Though, of course, the true perpetrator is the creator of Ignis, the arrogant human beings who thought they could escape their own mortality. He can't help but feel sorry for those children, though. Children who had their lives twisted by AI through no fault of their own. But now that they're involved, they can't let it go.
Revenge is a festering, ever-growing cancer and trauma is the same. He knows this. He knows it well but the Lost Incident kids aren't his concern anymore, if they ever were. As long as this chapter closes, as long as Playmaker and Soulburner and the knights of Hanoi don't appear in Link VRAINs again, as long as someone doesn't get it into their head to try and replace humanity again…
He sighs, and shuts down his computer. He got what he wanted from the memory data but the code itself just goes on and on, like there's no end. The old, the new –
He freezes, then hurriedly reboots his computer. How could he have looked over that? How could he have been so blind? The time of the duel, the time of Ai's defeat, was yesterday night. That girl from SOL Technologies found the deactivated SOLtis not long after. Playmaker had been there, reeling from his victory. Likely, Playmaker had dashed off as soon as he heard or saw her approach. Likely, she'd gotten such a poor glimpse of his shadow that she wasn't sure if he'd been there at all.
But the Ignis, if he deleted himself at the conclusion of their duel, shouldn't have any data beyond that. Shouldn't have seen Hayami staring down at him. Shouldn't have any changes to the code…
And he won't know that until he compares it to the copy he took earlier in the day.
He does, when the computer finally reboots. It's subtle, but there are changes.

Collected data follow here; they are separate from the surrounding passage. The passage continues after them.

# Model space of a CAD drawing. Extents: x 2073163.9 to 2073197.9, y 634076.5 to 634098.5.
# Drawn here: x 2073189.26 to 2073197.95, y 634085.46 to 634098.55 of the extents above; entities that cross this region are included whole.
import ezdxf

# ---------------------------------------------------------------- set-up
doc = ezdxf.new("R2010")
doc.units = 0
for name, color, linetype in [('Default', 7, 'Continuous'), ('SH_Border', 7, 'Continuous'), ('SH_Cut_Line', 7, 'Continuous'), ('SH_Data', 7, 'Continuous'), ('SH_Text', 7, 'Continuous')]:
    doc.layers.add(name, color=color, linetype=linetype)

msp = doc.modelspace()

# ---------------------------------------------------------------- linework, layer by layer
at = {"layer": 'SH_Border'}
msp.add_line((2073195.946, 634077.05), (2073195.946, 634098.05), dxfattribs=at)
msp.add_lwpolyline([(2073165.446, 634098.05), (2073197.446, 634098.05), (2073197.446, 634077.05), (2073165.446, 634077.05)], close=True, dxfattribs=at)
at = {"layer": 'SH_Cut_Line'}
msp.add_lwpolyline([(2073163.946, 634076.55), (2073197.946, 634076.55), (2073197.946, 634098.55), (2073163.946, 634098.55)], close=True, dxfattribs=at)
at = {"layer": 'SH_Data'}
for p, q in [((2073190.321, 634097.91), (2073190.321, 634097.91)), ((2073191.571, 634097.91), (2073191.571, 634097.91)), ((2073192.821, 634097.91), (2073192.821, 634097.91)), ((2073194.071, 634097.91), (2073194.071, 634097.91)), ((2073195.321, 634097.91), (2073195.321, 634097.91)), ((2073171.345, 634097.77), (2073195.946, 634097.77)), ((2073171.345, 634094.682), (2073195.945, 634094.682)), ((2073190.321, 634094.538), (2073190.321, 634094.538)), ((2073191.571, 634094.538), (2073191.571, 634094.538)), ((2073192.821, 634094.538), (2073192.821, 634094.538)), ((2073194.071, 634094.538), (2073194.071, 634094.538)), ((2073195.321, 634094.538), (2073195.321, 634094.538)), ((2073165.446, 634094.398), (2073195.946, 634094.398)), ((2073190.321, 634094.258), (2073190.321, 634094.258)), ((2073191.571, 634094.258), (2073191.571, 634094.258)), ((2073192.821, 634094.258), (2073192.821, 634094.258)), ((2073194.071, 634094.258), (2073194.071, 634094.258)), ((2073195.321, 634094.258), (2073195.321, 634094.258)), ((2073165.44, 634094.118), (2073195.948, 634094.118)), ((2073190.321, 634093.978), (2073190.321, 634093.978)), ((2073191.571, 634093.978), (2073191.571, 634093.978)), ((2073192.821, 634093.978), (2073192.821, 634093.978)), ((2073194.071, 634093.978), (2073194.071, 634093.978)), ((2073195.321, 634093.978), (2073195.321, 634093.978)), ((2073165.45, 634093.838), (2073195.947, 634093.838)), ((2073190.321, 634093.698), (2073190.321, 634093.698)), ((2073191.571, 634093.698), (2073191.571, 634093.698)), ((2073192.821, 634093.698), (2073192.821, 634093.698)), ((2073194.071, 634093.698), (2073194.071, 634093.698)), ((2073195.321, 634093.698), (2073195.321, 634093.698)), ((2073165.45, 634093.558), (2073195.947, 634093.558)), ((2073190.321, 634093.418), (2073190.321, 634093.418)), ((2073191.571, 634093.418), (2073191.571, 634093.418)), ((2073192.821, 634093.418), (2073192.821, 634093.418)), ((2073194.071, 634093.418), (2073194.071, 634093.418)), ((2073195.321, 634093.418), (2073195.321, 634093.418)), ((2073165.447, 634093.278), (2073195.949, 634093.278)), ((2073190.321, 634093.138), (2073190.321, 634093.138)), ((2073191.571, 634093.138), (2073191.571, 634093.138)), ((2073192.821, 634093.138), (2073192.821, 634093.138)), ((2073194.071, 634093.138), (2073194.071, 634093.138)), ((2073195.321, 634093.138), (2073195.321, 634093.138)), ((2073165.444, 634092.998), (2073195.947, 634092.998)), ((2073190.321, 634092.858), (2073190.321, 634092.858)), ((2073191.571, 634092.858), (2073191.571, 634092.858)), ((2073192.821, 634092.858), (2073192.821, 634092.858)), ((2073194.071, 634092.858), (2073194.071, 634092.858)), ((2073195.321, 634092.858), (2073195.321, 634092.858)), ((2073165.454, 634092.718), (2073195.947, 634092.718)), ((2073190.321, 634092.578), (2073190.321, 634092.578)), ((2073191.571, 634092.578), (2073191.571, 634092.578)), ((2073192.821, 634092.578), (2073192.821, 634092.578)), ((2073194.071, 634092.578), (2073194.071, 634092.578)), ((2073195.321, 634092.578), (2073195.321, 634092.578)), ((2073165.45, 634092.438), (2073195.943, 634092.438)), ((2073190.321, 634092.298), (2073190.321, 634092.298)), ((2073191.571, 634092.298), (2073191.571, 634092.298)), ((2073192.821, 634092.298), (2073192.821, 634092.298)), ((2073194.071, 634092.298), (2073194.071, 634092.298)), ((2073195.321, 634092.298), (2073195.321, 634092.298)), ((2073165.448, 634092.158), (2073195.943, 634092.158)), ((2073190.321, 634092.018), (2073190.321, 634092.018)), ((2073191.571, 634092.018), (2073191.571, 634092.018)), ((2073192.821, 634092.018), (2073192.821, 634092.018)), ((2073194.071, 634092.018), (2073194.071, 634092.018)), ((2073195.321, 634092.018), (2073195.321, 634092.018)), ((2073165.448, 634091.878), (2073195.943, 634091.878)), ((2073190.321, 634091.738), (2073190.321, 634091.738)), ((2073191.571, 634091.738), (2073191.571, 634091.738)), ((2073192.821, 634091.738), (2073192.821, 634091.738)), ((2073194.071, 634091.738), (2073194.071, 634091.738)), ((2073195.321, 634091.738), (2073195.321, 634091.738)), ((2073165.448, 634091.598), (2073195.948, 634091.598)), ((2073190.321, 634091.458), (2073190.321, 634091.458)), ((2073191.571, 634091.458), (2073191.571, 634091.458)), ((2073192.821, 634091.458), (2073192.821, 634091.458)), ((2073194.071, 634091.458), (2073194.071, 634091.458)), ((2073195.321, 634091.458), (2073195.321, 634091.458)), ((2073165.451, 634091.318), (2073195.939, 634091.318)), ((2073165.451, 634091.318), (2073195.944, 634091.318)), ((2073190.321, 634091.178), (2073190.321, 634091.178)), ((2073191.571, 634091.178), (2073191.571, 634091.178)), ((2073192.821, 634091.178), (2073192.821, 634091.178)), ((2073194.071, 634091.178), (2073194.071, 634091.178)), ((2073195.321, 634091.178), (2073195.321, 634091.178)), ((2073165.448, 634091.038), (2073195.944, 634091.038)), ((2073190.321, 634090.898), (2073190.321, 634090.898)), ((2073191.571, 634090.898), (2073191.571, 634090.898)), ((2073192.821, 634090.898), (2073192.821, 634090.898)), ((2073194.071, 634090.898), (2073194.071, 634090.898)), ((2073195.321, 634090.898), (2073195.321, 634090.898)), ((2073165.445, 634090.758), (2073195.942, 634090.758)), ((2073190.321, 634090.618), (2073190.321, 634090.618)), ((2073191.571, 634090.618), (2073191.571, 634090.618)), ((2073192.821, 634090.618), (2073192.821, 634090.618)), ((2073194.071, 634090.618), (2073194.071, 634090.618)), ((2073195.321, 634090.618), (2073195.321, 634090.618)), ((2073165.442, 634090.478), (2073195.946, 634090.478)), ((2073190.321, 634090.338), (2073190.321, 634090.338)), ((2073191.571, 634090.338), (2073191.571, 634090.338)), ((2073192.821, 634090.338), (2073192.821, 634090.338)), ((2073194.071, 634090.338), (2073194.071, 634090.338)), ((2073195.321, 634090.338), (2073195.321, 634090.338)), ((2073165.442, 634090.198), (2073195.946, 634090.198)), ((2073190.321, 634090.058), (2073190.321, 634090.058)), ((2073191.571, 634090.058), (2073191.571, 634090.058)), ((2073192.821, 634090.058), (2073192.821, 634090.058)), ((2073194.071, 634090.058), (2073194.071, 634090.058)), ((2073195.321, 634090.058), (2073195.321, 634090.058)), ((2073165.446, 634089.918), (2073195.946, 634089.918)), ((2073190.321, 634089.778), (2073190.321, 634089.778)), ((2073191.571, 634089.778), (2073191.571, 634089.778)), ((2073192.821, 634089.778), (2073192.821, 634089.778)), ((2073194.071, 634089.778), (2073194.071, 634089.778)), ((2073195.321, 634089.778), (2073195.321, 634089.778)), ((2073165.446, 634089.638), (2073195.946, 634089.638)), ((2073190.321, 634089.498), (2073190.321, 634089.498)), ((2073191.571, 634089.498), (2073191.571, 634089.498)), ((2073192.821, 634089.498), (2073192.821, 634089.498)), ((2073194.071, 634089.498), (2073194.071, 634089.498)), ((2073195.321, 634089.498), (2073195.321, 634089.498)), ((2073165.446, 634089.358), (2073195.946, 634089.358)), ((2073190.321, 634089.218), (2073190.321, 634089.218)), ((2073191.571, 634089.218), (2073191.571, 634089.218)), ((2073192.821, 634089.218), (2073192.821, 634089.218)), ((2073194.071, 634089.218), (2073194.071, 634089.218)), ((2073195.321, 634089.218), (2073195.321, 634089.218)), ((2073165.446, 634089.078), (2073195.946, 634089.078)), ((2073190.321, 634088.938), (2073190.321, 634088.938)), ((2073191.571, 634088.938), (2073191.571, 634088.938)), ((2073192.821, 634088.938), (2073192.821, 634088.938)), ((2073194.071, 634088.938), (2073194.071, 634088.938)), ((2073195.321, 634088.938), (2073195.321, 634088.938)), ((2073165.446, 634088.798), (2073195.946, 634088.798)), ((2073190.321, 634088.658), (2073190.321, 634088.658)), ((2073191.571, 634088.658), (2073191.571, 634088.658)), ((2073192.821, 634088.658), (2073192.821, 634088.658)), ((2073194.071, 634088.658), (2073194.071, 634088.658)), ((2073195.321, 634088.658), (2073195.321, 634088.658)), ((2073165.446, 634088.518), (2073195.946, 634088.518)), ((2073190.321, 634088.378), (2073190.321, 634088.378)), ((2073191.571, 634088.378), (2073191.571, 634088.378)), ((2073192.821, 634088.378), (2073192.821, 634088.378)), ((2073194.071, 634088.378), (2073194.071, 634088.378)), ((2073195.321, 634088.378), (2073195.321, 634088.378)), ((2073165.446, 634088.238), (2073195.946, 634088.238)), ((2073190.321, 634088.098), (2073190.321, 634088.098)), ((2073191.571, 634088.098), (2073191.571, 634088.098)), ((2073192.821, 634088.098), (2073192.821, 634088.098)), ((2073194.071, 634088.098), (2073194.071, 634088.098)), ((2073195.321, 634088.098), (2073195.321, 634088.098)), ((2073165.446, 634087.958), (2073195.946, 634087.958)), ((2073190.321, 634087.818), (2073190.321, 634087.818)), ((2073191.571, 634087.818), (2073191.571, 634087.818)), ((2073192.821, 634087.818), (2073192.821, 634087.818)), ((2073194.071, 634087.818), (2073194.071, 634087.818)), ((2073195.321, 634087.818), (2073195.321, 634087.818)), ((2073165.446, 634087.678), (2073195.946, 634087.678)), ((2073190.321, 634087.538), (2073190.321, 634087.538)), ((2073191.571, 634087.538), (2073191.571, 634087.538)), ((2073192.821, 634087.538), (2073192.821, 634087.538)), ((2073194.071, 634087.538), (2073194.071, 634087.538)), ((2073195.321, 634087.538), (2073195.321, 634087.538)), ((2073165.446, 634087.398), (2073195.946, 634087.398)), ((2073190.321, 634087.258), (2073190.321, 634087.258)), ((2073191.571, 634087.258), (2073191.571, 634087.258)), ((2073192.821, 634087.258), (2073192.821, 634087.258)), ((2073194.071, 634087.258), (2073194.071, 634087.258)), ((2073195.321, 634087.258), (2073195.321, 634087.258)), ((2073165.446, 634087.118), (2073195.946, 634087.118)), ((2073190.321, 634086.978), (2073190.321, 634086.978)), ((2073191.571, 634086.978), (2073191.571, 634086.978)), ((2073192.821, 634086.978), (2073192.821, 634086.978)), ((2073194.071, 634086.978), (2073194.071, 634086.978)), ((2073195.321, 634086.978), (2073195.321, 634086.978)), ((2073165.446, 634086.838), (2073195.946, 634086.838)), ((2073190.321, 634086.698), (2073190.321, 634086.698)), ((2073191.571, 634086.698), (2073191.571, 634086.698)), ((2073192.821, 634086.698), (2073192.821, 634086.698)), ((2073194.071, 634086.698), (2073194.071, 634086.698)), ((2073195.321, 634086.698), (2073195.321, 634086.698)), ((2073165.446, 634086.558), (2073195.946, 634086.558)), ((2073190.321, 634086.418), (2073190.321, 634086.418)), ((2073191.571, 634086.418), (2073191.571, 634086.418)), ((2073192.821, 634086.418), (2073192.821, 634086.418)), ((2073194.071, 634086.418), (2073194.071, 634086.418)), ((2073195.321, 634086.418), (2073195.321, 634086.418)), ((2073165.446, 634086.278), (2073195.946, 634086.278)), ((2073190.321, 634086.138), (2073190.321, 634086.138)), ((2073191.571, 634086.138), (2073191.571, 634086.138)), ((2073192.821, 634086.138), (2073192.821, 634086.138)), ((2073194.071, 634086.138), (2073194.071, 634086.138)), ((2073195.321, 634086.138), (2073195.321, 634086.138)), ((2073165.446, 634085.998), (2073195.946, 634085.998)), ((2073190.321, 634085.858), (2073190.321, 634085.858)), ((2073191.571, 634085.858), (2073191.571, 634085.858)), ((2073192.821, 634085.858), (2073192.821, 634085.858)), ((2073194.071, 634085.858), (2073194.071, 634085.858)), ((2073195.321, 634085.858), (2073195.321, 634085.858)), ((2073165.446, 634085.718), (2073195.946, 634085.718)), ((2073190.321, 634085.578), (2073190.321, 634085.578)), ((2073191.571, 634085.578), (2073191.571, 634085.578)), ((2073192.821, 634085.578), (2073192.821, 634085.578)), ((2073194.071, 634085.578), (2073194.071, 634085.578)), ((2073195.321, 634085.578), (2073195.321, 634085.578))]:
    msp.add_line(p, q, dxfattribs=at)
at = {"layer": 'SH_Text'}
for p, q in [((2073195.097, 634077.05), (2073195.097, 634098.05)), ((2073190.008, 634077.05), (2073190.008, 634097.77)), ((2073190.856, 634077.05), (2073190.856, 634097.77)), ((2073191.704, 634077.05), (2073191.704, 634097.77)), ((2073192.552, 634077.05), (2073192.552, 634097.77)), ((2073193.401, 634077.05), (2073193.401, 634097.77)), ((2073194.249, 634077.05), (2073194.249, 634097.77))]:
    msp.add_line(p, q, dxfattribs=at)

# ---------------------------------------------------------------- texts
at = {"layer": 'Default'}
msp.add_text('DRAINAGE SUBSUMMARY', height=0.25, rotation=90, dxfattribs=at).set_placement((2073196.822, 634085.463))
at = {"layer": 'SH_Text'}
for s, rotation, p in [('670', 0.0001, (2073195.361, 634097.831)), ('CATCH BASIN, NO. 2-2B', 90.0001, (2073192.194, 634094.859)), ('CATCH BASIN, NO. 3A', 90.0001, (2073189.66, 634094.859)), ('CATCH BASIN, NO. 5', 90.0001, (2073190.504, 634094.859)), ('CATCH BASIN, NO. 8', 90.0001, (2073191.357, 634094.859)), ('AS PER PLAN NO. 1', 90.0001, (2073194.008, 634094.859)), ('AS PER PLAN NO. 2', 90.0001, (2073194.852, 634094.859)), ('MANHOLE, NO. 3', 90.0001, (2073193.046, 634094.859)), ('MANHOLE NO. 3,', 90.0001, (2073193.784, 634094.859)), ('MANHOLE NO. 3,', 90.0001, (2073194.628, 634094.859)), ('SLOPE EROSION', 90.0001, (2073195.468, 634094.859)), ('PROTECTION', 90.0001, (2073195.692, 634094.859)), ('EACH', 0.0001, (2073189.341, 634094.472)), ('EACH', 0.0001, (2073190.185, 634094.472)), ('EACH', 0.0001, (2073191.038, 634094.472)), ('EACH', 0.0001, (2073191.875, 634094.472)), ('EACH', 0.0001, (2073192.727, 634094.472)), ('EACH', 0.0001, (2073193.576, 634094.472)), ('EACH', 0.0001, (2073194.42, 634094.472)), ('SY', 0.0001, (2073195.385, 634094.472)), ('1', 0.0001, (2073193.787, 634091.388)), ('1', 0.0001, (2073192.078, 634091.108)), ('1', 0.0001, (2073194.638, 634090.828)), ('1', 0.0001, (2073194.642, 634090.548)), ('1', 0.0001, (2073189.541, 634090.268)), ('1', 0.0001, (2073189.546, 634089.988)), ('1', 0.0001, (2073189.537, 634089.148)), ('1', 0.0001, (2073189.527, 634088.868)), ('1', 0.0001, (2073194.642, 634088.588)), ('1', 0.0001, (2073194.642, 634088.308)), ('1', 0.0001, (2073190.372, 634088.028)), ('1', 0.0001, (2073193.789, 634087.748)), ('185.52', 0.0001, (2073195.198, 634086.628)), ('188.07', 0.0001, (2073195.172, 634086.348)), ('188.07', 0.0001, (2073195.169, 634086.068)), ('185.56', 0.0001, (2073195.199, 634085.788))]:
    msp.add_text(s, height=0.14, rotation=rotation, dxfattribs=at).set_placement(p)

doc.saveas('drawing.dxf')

The code is changing, slowly but surely.
Is it like a snake's tail still flopping around after it's been severed from it's body? Or are the Ignis immortal?
He's picked up his phone without realising it. He drops it again; it clatters, noisily, in the empty apartment.
Not now. Now yet. He's jumping to conclusions.
But now the idea that it might not be over yet won't leave him alone.
He makes himself a new pot of coffee and starts checking over all the other data. He won't be sleeping anyway. Not until he knows, one way or another.